== Task statement ==
The required output is the stretch from the line containing "Material: Generic" through the line containing "color=color, linetype=linetype, lineweight=lineweight)" in the records below, unaltered and with no pictures.

== Data extract ==
########################################

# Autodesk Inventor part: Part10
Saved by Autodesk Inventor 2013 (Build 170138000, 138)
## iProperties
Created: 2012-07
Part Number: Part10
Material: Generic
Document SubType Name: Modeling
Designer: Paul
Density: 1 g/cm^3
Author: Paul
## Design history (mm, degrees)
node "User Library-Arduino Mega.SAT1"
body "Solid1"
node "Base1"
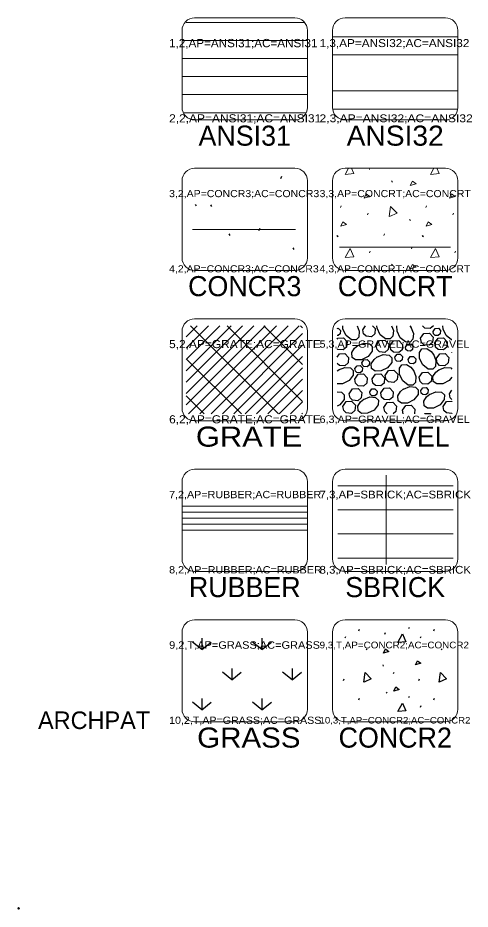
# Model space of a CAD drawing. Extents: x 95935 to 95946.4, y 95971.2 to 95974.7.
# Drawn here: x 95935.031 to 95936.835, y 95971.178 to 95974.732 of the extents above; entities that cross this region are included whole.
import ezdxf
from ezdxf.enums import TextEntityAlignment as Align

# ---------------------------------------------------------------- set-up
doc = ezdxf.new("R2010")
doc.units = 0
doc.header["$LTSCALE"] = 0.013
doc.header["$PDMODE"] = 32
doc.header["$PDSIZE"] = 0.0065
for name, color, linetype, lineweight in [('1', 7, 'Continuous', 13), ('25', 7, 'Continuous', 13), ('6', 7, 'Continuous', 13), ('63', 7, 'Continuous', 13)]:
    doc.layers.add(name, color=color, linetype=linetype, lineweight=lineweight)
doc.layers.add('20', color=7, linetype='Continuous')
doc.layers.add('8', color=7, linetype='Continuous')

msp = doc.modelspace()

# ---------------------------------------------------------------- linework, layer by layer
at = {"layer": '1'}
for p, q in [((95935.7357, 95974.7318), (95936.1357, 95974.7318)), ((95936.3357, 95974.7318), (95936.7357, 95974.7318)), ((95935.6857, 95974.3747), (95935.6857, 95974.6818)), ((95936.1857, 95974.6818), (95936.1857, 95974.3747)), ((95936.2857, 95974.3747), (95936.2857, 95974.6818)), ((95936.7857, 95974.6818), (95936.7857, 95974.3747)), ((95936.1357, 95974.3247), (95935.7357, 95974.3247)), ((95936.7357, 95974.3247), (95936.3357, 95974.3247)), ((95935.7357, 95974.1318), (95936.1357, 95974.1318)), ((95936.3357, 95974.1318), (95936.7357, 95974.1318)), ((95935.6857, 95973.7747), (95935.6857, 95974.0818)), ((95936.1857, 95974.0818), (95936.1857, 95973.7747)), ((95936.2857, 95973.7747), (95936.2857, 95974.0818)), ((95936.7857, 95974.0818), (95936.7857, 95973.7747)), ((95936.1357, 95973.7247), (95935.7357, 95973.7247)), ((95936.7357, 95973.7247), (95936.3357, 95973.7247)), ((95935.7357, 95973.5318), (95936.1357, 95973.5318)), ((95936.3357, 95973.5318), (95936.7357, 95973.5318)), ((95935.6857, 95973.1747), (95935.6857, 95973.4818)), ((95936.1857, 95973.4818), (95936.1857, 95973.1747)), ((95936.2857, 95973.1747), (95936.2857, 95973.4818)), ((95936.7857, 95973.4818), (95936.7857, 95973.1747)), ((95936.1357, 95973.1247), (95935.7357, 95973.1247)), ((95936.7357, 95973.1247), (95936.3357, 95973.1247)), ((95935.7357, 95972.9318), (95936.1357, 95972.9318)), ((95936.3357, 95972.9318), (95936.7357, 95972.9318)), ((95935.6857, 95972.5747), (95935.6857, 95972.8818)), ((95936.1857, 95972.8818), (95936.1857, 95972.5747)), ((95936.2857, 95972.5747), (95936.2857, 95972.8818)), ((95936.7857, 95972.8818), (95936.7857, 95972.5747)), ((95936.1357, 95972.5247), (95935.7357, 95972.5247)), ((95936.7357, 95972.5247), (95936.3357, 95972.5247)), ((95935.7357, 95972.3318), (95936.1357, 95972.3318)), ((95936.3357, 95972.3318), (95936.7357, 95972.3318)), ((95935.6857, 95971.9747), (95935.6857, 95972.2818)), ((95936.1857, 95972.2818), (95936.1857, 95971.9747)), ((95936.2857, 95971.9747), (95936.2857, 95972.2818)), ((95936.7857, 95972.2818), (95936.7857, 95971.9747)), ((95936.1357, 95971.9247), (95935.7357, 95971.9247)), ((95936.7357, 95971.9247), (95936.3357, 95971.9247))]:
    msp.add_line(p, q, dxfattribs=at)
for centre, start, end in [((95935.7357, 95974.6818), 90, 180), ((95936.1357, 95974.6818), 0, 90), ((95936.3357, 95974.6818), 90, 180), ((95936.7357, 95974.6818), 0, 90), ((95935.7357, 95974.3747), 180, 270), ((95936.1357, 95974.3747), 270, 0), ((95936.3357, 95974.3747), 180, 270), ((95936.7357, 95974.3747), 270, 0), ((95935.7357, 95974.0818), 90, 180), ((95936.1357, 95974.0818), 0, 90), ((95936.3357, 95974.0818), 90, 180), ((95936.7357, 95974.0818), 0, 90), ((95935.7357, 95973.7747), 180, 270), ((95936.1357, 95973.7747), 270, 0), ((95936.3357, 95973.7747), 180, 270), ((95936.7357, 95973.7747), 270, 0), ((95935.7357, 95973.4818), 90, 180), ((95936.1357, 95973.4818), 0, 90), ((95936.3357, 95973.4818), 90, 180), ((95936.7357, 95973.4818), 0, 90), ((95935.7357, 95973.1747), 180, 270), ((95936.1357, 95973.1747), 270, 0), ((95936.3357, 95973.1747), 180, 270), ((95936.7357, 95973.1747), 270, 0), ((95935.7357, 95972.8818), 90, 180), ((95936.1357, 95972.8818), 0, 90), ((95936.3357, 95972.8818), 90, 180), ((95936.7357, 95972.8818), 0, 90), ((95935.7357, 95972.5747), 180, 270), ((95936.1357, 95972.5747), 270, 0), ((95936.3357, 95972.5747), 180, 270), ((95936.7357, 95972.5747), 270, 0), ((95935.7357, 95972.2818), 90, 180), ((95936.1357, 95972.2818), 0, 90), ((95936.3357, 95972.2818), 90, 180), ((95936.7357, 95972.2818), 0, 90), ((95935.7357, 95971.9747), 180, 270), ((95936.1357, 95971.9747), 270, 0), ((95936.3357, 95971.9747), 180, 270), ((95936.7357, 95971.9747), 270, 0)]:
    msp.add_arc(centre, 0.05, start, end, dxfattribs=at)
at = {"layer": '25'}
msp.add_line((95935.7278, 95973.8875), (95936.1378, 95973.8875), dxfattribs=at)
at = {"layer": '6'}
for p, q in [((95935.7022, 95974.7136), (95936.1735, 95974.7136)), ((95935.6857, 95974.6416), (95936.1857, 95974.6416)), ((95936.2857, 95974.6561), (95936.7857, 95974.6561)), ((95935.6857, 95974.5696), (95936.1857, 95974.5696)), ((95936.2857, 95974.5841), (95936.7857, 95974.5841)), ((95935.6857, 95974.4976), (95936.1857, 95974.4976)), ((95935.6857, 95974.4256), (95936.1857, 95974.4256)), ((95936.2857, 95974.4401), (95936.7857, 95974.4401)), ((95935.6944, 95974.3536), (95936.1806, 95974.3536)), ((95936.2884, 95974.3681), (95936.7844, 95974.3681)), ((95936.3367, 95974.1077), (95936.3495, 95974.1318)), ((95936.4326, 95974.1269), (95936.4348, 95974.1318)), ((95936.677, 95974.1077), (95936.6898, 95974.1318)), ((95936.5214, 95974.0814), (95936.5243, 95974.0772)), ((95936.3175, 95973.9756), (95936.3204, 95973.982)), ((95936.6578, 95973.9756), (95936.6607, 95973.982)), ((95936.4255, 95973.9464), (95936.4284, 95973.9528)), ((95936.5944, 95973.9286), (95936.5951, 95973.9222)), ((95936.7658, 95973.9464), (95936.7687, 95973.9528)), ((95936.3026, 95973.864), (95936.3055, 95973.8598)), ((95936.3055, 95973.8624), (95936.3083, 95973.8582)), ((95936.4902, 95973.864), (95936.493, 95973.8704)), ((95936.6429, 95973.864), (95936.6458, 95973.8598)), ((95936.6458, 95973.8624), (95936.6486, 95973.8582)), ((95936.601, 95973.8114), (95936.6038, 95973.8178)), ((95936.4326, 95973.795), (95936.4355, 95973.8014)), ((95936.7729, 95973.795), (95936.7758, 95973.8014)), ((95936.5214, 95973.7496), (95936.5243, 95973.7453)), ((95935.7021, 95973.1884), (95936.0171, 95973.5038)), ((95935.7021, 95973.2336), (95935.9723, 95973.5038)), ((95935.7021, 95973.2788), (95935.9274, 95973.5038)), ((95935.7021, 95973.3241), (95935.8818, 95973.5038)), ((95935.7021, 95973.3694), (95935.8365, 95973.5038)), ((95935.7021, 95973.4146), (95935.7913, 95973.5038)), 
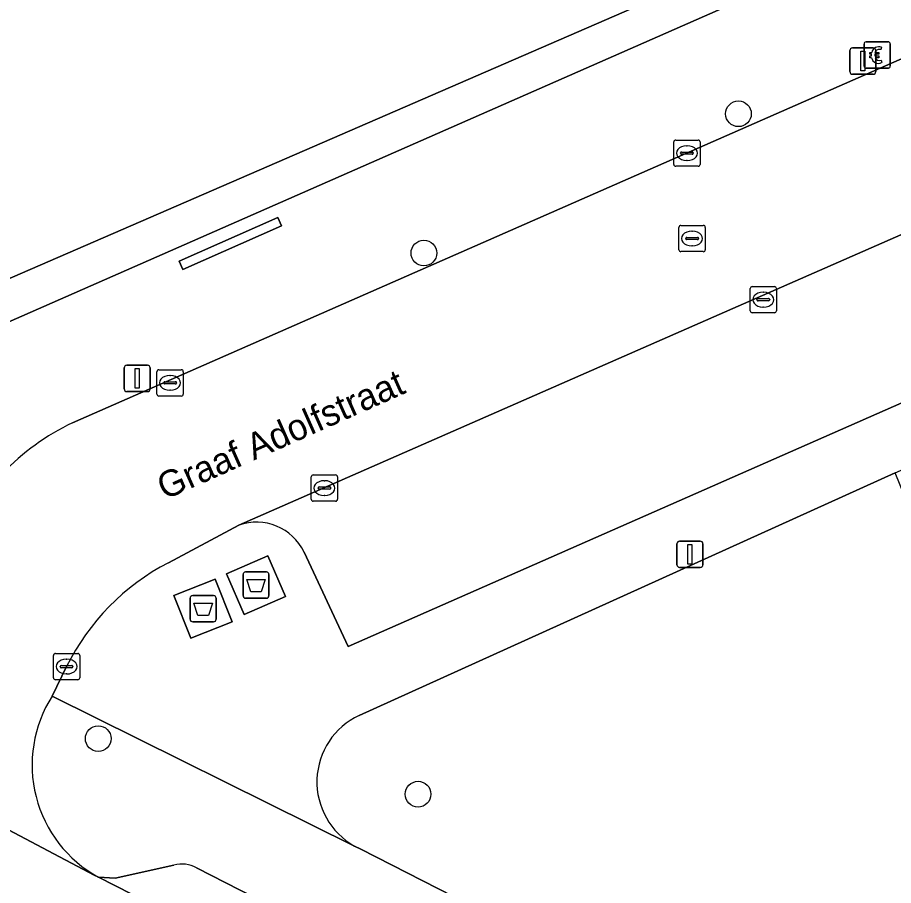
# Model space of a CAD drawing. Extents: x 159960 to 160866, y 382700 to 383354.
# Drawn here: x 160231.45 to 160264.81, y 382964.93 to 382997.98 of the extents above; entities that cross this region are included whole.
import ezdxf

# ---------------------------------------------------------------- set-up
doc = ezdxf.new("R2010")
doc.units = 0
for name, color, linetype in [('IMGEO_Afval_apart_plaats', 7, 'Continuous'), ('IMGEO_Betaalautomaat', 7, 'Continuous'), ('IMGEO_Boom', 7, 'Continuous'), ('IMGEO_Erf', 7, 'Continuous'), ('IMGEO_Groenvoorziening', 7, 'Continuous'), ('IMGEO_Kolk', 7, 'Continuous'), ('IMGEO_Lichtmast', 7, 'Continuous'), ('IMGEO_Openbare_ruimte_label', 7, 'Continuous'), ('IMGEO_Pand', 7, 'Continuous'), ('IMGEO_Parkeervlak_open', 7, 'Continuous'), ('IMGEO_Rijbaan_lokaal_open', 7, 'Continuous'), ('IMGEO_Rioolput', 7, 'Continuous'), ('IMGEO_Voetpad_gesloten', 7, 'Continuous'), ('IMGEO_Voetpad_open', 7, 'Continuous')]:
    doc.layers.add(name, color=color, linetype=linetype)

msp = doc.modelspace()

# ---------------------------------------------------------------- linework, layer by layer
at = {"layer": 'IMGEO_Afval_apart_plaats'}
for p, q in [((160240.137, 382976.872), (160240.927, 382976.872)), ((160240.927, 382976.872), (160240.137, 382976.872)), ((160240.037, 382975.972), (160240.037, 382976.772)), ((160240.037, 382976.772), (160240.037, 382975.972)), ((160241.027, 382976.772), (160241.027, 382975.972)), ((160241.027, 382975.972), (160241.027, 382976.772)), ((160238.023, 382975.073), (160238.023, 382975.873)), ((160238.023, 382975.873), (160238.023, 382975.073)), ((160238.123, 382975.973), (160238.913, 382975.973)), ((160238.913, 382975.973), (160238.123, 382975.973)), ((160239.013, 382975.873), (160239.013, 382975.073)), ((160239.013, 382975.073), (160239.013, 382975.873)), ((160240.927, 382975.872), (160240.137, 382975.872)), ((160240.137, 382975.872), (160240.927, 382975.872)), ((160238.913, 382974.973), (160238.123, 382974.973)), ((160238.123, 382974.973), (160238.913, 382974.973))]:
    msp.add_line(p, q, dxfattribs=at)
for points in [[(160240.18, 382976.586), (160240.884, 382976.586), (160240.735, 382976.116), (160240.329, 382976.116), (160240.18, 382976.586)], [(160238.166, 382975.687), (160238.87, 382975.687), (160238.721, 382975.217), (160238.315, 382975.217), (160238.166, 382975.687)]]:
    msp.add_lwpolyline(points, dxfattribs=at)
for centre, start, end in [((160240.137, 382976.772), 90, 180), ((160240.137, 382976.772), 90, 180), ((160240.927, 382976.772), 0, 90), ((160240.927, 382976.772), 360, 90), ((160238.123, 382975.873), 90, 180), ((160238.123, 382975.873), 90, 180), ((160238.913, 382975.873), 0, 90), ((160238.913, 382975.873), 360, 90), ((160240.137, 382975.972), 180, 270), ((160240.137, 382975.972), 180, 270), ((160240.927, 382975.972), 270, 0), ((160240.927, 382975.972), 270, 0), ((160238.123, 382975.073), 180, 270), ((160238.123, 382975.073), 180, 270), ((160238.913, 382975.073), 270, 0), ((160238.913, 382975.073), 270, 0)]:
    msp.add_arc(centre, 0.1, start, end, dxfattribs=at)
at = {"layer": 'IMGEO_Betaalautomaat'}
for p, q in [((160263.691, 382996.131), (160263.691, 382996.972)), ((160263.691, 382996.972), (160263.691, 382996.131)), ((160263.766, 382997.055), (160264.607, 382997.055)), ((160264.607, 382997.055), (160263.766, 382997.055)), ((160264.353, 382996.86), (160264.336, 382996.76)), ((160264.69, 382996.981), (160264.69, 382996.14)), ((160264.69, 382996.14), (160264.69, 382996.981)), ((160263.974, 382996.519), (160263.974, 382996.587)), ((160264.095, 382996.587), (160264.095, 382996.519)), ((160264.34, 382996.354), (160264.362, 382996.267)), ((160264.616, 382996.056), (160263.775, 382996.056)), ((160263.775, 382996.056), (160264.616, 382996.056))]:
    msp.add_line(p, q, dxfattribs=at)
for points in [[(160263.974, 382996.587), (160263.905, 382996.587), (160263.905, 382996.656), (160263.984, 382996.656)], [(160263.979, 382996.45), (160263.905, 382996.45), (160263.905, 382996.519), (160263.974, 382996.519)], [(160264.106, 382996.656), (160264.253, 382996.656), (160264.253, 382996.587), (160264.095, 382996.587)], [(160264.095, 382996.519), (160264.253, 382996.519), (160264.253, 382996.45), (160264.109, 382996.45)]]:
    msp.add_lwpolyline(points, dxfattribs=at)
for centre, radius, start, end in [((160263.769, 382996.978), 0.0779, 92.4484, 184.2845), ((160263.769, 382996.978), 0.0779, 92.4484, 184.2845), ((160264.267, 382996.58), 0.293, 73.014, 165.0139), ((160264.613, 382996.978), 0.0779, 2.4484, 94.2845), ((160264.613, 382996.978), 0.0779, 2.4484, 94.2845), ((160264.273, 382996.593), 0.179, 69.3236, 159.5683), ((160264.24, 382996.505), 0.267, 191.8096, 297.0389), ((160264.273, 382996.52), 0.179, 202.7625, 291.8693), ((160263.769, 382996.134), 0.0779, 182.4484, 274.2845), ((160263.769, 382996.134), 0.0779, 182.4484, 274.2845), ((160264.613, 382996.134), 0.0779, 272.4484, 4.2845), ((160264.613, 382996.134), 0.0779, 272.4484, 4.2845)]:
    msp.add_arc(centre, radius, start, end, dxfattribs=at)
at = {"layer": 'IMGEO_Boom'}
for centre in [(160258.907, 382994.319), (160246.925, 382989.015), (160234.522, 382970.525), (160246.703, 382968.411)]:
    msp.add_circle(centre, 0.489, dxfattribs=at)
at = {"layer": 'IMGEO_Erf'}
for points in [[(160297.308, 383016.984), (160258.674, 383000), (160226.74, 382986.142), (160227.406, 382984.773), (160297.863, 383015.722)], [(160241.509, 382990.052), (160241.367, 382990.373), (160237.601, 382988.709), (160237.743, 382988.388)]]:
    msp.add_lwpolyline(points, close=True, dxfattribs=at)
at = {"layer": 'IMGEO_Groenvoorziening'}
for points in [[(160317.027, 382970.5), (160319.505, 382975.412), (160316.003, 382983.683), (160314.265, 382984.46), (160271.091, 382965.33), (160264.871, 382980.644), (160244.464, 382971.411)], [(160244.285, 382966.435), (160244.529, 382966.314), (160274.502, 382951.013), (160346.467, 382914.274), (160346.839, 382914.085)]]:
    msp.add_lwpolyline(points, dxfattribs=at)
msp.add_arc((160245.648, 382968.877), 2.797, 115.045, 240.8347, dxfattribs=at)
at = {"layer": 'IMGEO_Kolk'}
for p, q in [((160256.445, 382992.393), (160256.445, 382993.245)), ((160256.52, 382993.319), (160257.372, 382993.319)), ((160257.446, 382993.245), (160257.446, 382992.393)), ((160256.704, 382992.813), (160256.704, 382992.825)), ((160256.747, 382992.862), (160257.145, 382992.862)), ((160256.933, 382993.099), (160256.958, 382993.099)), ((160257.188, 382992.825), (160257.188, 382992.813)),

########################################

== Result of this task ==
Material: Generic
Document SubType Name: Modeling
Designer: Paul
Density: 1 g/cm^3
Author: Paul
## Design history (mm, degrees)
node "User Library-Arduino Mega.SAT1"
body "Solid1"
node "Base1"
# Model space of a CAD drawing. Extents: x 95935 to 95946.4, y 95971.2 to 95974.7.
# Drawn here: x 95935.031 to 95936.835, y 95971.178 to 95974.732 of the extents above; entities that cross this region are included whole.
import ezdxf
from ezdxf.enums import TextEntityAlignment as Align

# ---------------------------------------------------------------- set-up
doc = ezdxf.new("R2010")
doc.units = 0
doc.header["$LTSCALE"] = 0.013
doc.header["$PDMODE"] = 32
doc.header["$PDSIZE"] = 0.0065
for name, color, linetype, lineweight in [('1', 7, 'Continuous', 13), ('25', 7, 'Continuous', 13), ('6', 7, 'Continuous', 13), ('63', 7, 'Continuous', 13)]:
    doc.layers.add(name, color=color, linetype=linetype, lineweight=lineweight)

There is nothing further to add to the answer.